This is an automated email from the ASF dual-hosted git repository.
tustvold pushed a commit to branch master
in repository https://gitbox.apache.org/repos/asf/arrow-rs.git
The following commit(s) were added to refs/heads/master by this push:
new ce589325d8 parquet: Add ArrowWriterOptions to skip embedding the arrow
metadata (#5299)
ce589325d8 is described below
commit ce589325d87b7ba55d3af74ad77f7cee9ff3c95b
Author: Yingwen <[email protected]>
AuthorDate: Mon Jan 22 18:59:56 2024 +0800
parquet: Add ArrowWriterOptions to skip embedding the arrow metadata (#5299)

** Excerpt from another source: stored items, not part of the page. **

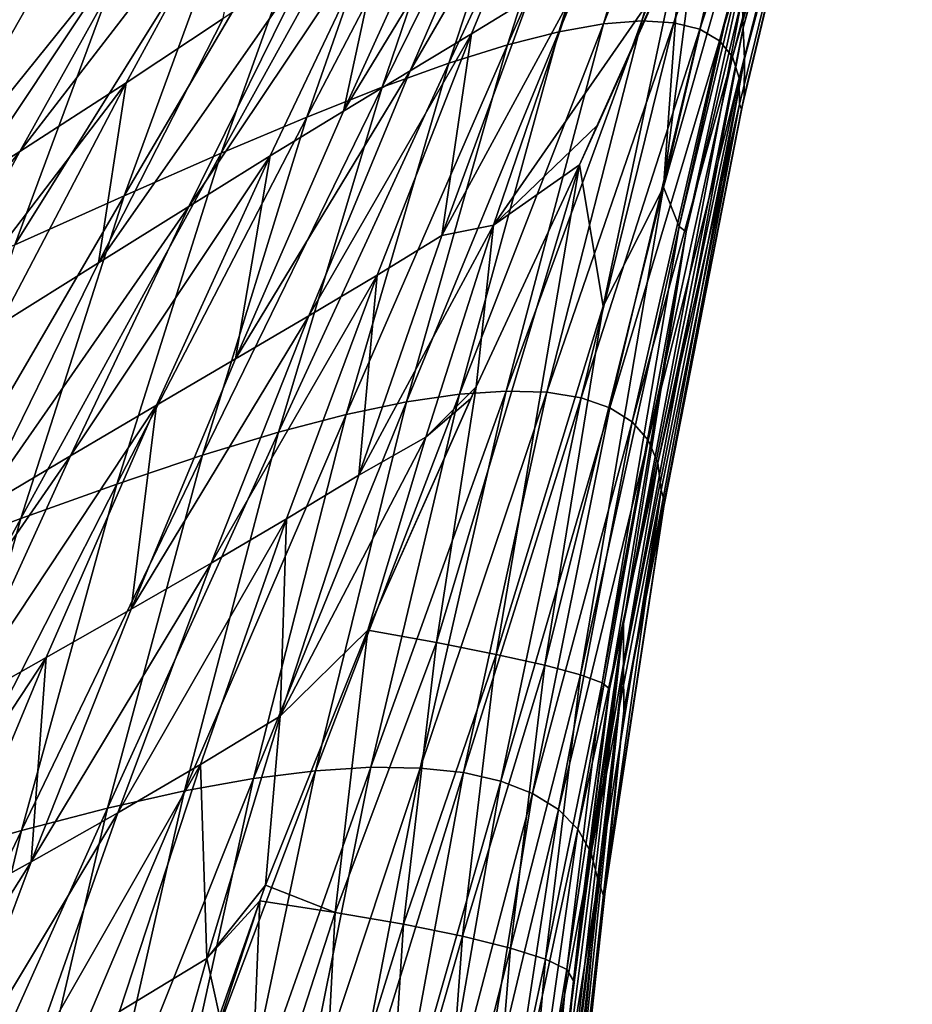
# Model space of a CAD drawing. Header units: metres. Extents: x -24 to 24, y -256 to 25.
# Tile 242 of 269: x 13.02 to 17.39, y -28.54 to -23.73. Entities that reach past the tile are written whole.
import ezdxf

# ---------------------------------------------------------------- set-up
doc = ezdxf.new("R2010")
doc.units = ezdxf.units.M
doc.layers.add('solid_DOMO_KURZ_SW0002', color=7, linetype='CONTINUOUS')

msp = doc.modelspace()

# ---------------------------------------------------------------- linework, layer by layer
at = {"layer": 'solid_DOMO_KURZ_SW0002'}
for points in [[(17.372259, -20.688927, 97.063866), (16.55419, -23.617064, 104.373795), (16.558767, -23.767439, 98.0336)], [(17.372259, -20.688927, 97.063866), (16.558767, -23.767439, 98.0336), (17.385227, -20.778492, 90.69017)], [(16.558767, -23.767439, 98.0336), (16.564423, -23.918396, 91.679497), (17.385227, -20.778492, 90.69017)], [(17.385227, -20.778492, 90.69017), (16.564423, -23.918396, 91.679497), (17.026012, -22.193748, 84.775429)], [(15.87551, -23.748165, 76.875946), (16.403742, -22.005798, 75.641472), (16.582123, -21.965961, 76.720741)], [(16.062603, -23.733608, 77.877083), (15.87551, -23.748165, 76.875946), (16.582123, -21.965961, 76.720741)], [(16.062603, -23.733608, 77.877083), (16.582123, -21.965961, 76.720741), (16.729437, -21.952173, 77.809647)], [(16.219379, -23.742529, 78.88797), (16.062603, -23.733608, 77.877083), (16.729437, -21.952173, 77.809647)], [(16.219379, -23.742529, 78.88797), (16.729437, -21.952173, 77.809647), (16.845989, -21.964293, 78.909958)], [(16.345955, -23.774754, 79.910233), (16.219379, -23.742529, 78.88797), (16.845989, -21.964293, 78.909958)], [(16.345955, -23.774754, 79.910233), (16.845989, -21.964293, 78.909958), (16.931574, -22.002439, 80.023224)], [(15.657296, -23.786718, 75.882805), (16.193274, -22.072191, 74.569954), (16.403742, -22.005798, 75.641472)], [(15.87551, -23.748165, 76.875946), (15.657296, -23.786718, 75.882805), (16.403742, -22.005798, 75.641472)], [(16.441963, -23.830362, 80.945274), (16.345955, -23.774754, 79.910233), (16.931574, -22.002439, 80.023224)], [(16.441963, -23.830362, 80.945274), (16.931574, -22.002439, 80.023224), (16.985672, -22.066898, 81.150742)], [(15.406273, -23.850204, 74.895836), (15.948779, -22.166092, 73.504234), (16.193274, -22.072191, 74.569954)], [(15.657296, -23.786718, 75.882805), (15.406273, -23.850204, 74.895836), (16.193274, -22.072191, 74.569954)], [(16.506758, -23.909601, 81.99427), (16.441963, -23.830362, 80.945274), (16.985672, -22.066898, 81.150742)], [(16.506758, -23.909601, 81.99427), (16.985672, -22.066898, 81.150742), (17.007668, -22.158016, 82.293472)], [(15.119781, -23.939922, 73.913277), (15.667321, -22.288828, 72.442482), (15.948779, -22.166092, 73.504234)], [(15.406273, -23.850204, 74.895836), (15.119781, -23.939922, 73.913277), (15.948779, -22.166092, 73.504234)], [(16.169672, -24.545765, 110.878754), (16.722929, -22.156174, 110.637337), (16.715082, -22.177162, 110.646568)], [(16.169672, -24.545765, 110.878754), (16.740572, -22.532333, 110.288902), (16.722929, -22.156174, 110.637337)], [(16.169672, -24.545765, 110.878754), (16.715082, -22.177162, 110.646568), (16.356733, -23.086367, 111.045624)], [(16.539629, -24.012781, 83.058037), (16.506758, -23.909601, 81.99427), (17.007668, -22.158016, 82.293472)], [(16.539629, -24.012781, 83.058037), (17.007668, -22.158016, 82.293472), (16.997042, -22.276115, 83.451965)], [(16.563419, -24.102425, 85.415306), (17.000307, -22.291203, 84.762009), (17.026012, -22.193748, 84.775429)], [(16.564423, -23.918396, 91.679497), (16.563419, -24.102425, 85.415306), (17.026012, -22.193748, 84.775429)], [(16.539745, -24.141352, 84.137482), (16.539629, -24.012781, 83.058037), (16.997042, -22.276115, 83.451965)], [(16.549637, -24.164652, 85.36306), (16.539745, -24.141352, 84.137482), (16.997042, -22.276115, 83.451965)], [(17.000307, -22.291203, 84.762009), (16.549637, -24.164652, 85.36306), (16.997042, -22.276115, 83.451965)], [(14.794203, -24.057331, 72.933739), (15.34495, -22.441917, 71.38324), (15.667321, -22.288828, 72.442482)], [(15.119781, -23.939922, 73.913277), (14.794203, -24.057331, 72.933739), (15.667321, -22.288828, 72.442482)], [(16.563419, -24.102425, 85.415306), (16.549637, -24.164652, 85.36306), (17.000307, -22.291203, 84.762009)], [(12.213697, -24.04759, 65.121788), (12.749238, -22.808565, 63.046028), (13.470433, -22.404682, 64.142082)], [(12.914121, -23.699974, 66.136368), (12.213697, -24.04759, 65.121788), (13.470433, -22.404682, 64.142082)], [(14.424998, -24.203852, 71.956398), (14.976725, -22.626823, 70.325706), (15.34495, -22.441917, 71.38324)], [(14.794203, -24.057331, 72.933739), (14.424998, -24.203852, 71.956398), (15.34495, -22.441917, 71.38324)], [(16.169672, -24.545765, 110.878754), (16.24485, -24.737734, 110.492188), (16.740572, -22.532333, 110.288902)], [(16.740572, -22.532333, 110.288902), (16.24485, -24.737734, 110.492188), (16.664177, -23.003155, 109.936813)], [(14.006737, -24.380653, 70.981316), (14.556737, -22.844751, 69.270035), (14.976725, -22.626823, 70.325706)], [(14.424998, -24.203852, 71.956398), (14.006737, -24.380653, 70.981316), (14.976725, -22.626823, 70.325706)], [(14.930489, -23.978001, 112.816841), (15.23103, -23.796225, 112.511986), (15.710653, -22.630655, 112.567894)], [(15.442755, -22.796946, 112.928017), (14.930489, -23.978001, 112.816841), (15.710653, -22.630655, 112.567894)], [(15.710653, -22.630655, 112.567894), (15.23103, -23.796225, 112.511986), (15.511332, -23.623468, 112.197197)], [(14.604426, -24.17482, 113.114143), (14.930489, -23.978001, 112.816841), (15.442755, -22.796946, 112.928017)], [(15.146999, -22.982401, 113.27906), (14.604426, -24.17482, 113.114143), (15.442755, -22.796946, 112.928017)], [(13.533178, -24.588457, 70.009712), (14.07817, -23.096413, 68.217606), (14.556737, -22.844751, 69.270035)], [(14.006737, -24.380653, 70.981316), (13.533178, -24.588457, 70.009712), (14.556737, -22.844751, 69.270035)], [(13.021937, -24.372728, 114.813698), (13.542239, -24.035906, 114.5634), (14.170666, -22.880589, 114.984032)], [(13.656474, -23.235107, 115.271767), (13.021937, -24.372728, 114.813698), (14.170666, -22.880589, 114.984032)], [(14.170666, -22.880589, 114.984032), (13.542239, -24.035906, 114.5634), (14.016331, -23.721973, 114.278503)], [(11.704678, -24.481796, 115.962517), (12.437407, -24.034487, 115.755424), (13.068605, -22.984982, 116.338387)], [(12.32091, -23.467007, 116.570503), (11.704678, -24.481796, 115.962517), (13.068605, -22.984982, 116.338387)], [(13.068605, -22.984982, 116.338387), (12.437407, -24.034487, 115.755424), (13.083163, -23.618467, 115.52597)], [(14.815746, -23.194872, 113.625008), (14.604426, -24.17482, 113.114143), (15.146999, -22.982401, 113.27906)], [(16.24485, -24.737734, 110.492188), (16.279211, -24.764517, 110.083824), (16.664177, -23.003155, 109.936813)], [(16.55419, -23.617064, 104.373795), (16.664177, -23.003155, 109.936813), (16.279211, -24.764517, 110.083824)], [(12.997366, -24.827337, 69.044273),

* feat(parquet): Add ArrowWriterOptions
* test(parquet): test skip_arrow_metadata
* feat(parquet): Add try_new_with_options to async writer
* refactor: move WriterProperties to ArrowWriterOptions
---
parquet/src/arrow/arrow_writer/mod.rs | 87 +++++++++++++++++++++++++++++++++--
parquet/src/arrow/async_writer/mod.rs | 23 ++++++++-
2 files changed, 106 insertions(+), 4 deletions(-)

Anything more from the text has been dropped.